── MATERIAL FOR THIS EXERCISE

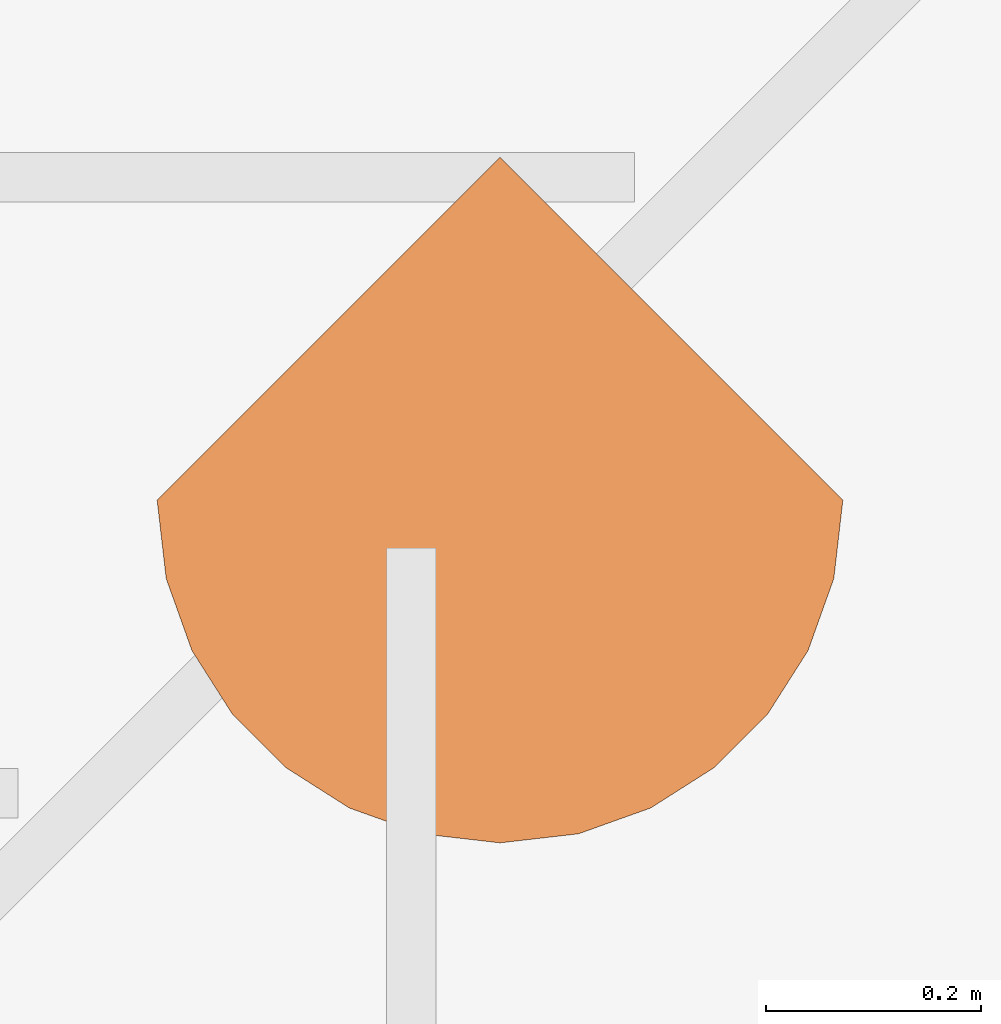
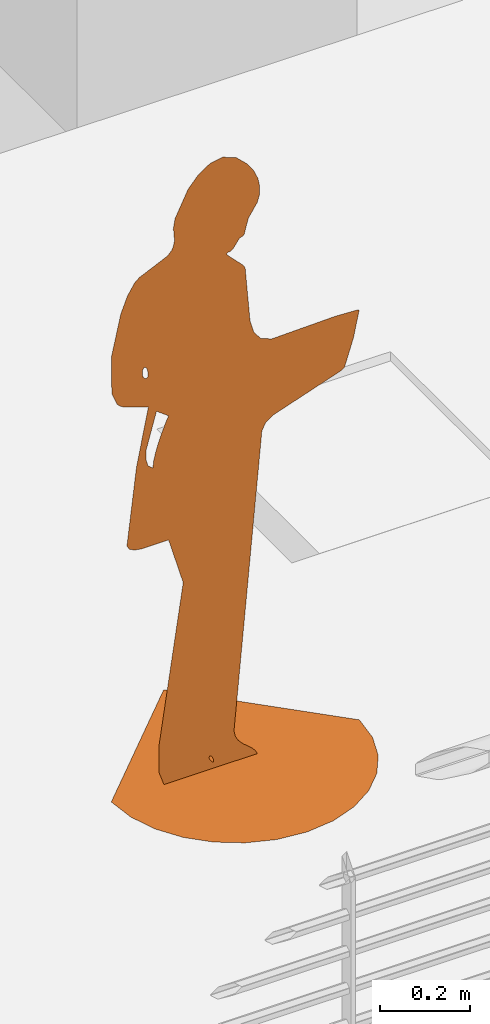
# One storey, part 13 of 15: 1 proxy.
"""IFC2X3 building model written with IfcOpenShell, lengths in metres."""

import ifcopenshell
import ifcopenshell.guid

model = None  # the IFC model being written
_history = None  # IfcOwnerHistory: only IFC2X3 demands one
_inside = {}  # id of a spatial element -> (the spatial element, [elements in it])
_under = {}  # id of a project, library or spatial element -> (it, [spatial elements below it])
_declared = {}  # id of a project -> (the project, [libraries it declares])
_typed = {}  # id of a type object -> (the type object, [elements of that type])
_made_of = {}  # id of a material, layer set ... -> (it, [elements and type objects made of it])


def new_model(schema):
    """Start an empty IFC model of exactly this schema.

    Asked for "IFC4X3", IfcOpenShell would pick the latest addendum, in which some entities
    have other attributes; the version numbers below select the first issue.
    IFC2X3 requires an IfcOwnerHistory on every rooted entity: one is made here for all.
    """
    global model, _history
    if schema == "IFC4X3":
        model = ifcopenshell.file(schema_version=(4, 3, 0, 0))
    else:
        model = ifcopenshell.file(schema=schema)
    _inside.clear()
    _under.clear()
    _declared.clear()
    _typed.clear()
    _made_of.clear()
    _history = None
    if model.schema == "IFC2X3":
        org = make("IfcOrganization", Name="unknown")
        user = make(
            "IfcPersonAndOrganization",
            ThePerson=make("IfcPerson", FamilyName="unknown"),
            TheOrganization=org,
        )
        app = make(
            "IfcApplication",
            ApplicationDeveloper=org,
            Version="unknown",
            ApplicationFullName="unknown",
            ApplicationIdentifier="unknown",
        )
        _history = make(
            "IfcOwnerHistory",
            OwningUser=user,
            OwningApplication=app,
            ChangeAction="ADDED",
            CreationDate=0,
        )
    return model


def make(cls, **values):
    """One entity of the class cls with the attributes given. An attribute that is None is left unset."""
    return model.create_entity(
        cls, **{name: value for name, value in values.items() if value is not None}
    )


def entity(cls, *values):
    """Any entity or typed value of the class cls, its attributes in the order of the schema. None: left unset."""
    e = model.create_entity(cls)
    for i, value in enumerate(values):
        if value is not None:
            e[i] = value
    return e


def rooted(cls, **values):
    """An entity with a GlobalId (a new one), such as an element, a storey or a relation."""
    return make(cls, GlobalId=ifcopenshell.guid.new(), OwnerHistory=_history, **values)


def si_unit(unit_type, name, prefix=None):
    """IfcSIUnit, for example si_unit("LENGTHUNIT", "METRE", prefix="MILLI")."""
    return make("IfcSIUnit", UnitType=unit_type, Prefix=prefix, Name=name)


def converted_unit(unit_type, name, factor, base, dimensions=None, offset=None):
    """IfcConversionBasedUnit, such as the inch: factor (a typed value) times the base unit."""
    return make(
        "IfcConversionBasedUnit"
        if offset is None
        else "IfcConversionBasedUnitWithOffset",
        ConversionOffset=offset,
        Dimensions=None
        if dimensions is None
        else entity("IfcDimensionalExponents", *dimensions),
        UnitType=unit_type,
        Name=name,
        ConversionFactor=make(
            "IfcMeasureWithUnit", ValueComponent=factor, UnitComponent=base
        ),
    )


def derived_unit(unit_type, elements):
    """IfcDerivedUnit: a product of units, each with its exponent."""
    return make(
        "IfcDerivedUnit",
        Elements=[
            make("IfcDerivedUnitElement", Unit=unit, Exponent=power)
            for unit, power in elements
        ],
        UnitType=unit_type,
    )


def assignment(units):
    """IfcUnitAssignment: the units of a project."""
    return None if units is None else make("IfcUnitAssignment", Units=units)


def point(xyz):
    """IfcCartesianPoint."""
    return None if xyz is None else make("IfcCartesianPoint", Coordinates=xyz)


def direction(xyz):
    """IfcDirection."""
    return None if xyz is None else make("IfcDirection", DirectionRatios=xyz)


def frame(location, z_axis=None, x_axis=None):
    """IfcAxis2Placement3D, a coordinate frame: its origin and axes. An axis left out is left unset."""
    return make(
        "IfcAxis2Placement3D",
        Location=point(location),
        Axis=direction(z_axis),
        RefDirection=direction(x_axis),
    )


def origin():
    """The frame at (0, 0, 0) with its axes left unset."""
    return frame((0.0, 0.0, 0.0))


def place(relative_to, where):
    """IfcLocalPlacement: puts the frame where relative to a parent placement (None: the world)."""
    return make(
        "IfcLocalPlacement", PlacementRelTo=relative_to, RelativePlacement=where
    )


def context(
    kind, dimensions, precision=None, world=None, true_north=None, identifier=None
):
    """IfcGeometricRepresentationContext, for example the 3D "Model" context."""
    return make(
        "IfcGeometricRepresentationContext",
        ContextIdentifier=identifier,
        ContextType=kind,
        CoordinateSpaceDimension=dimensions,
        Precision=precision,
        WorldCoordinateSystem=world,
        TrueNorth=true_north,
    )


def subcontext(parent, identifier, kind, view, scale=None):
    """IfcGeometricRepresentationSubContext, for example "Body" below "Model"."""
    return make(
        "IfcGeometricRepresentationSubContext",
        ContextIdentifier=identifier,
        ContextType=kind,
        ParentContext=parent,
        TargetScale=scale,
        TargetView=view,
    )


def project(units=None, contexts=None):
    """IfcProject with its units and contexts."""
    return rooted(
        "IfcProject",
        Name="project",
        RepresentationContexts=contexts,
        UnitsInContext=assignment(units),
    )


def spatial(cls, under=None, at=None, **own):
    """A site, building, storey or space (cls), placed at a placement, below another one or the project."""
    s = rooted(cls, ObjectPlacement=at, **own)
    if under is not None:
        _under.setdefault(under.id(), (under, []))[1].append(s)
    return s


def faces_of(points, faces, orient=None, outer=None):
    """IfcFace entities. A face is a list of loops; a loop is a list of indices into points, from 0.

    orient and outer hold one flag for each loop. By default every Orientation is true, the
    first loop of a face is its IfcFaceOuterBound and the others are IfcFaceBound.
    """
    made = []
    for i, loops in enumerate(faces):
        bounds = []
        for j, loop in enumerate(loops):
            is_outer = j == 0 if outer is None else outer[i][j]
            bounds.append(
                make(
                    "IfcFaceOuterBound" if is_outer else "IfcFaceBound",
                    Bound=make("IfcPolyLoop", Polygon=[points[k] for k in loop]),
                    Orientation=True if orient is None else orient[i][j],
                )
            )
        made.append(make("IfcFace", Bounds=bounds))
    return made


def face_set(faces, orient=None, outer=None):
    """The faces of one IfcConnectedFaceSet. surface_model builds it on its shared points."""
    return ("IfcConnectedFaceSet", faces, orient, outer)


def surface_model(cls, points, shells):
    """IfcFaceBasedSurfaceModel or IfcShellBasedSurfaceModel (cls): surfaces that need not close."""
    shared = [point(p) for p in points]
    made = [make(c, CfsFaces=faces_of(shared, fs, o, b)) for c, fs, o, b in shells]
    if cls == "IfcFaceBasedSurfaceModel":
        return make(cls, FbsmFaces=made)
    return make(cls, SbsmBoundary=made)


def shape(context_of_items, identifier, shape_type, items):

────

WORK TO COMPLETE —
Only the lines from the top of the material above down to the line bearing "IFC2X3 demands one", that line included, should be set down exactly; no pictures.

RESPONSE TO THIS EXERCISE —
# One storey, part 13 of 15: 1 proxy.
"""IFC2X3 building model written with IfcOpenShell, lengths in metres."""

import ifcopenshell
import ifcopenshell.guid

model = None  # the IFC model being written
_history = None  # IfcOwnerHistory: only IFC2X3 demands one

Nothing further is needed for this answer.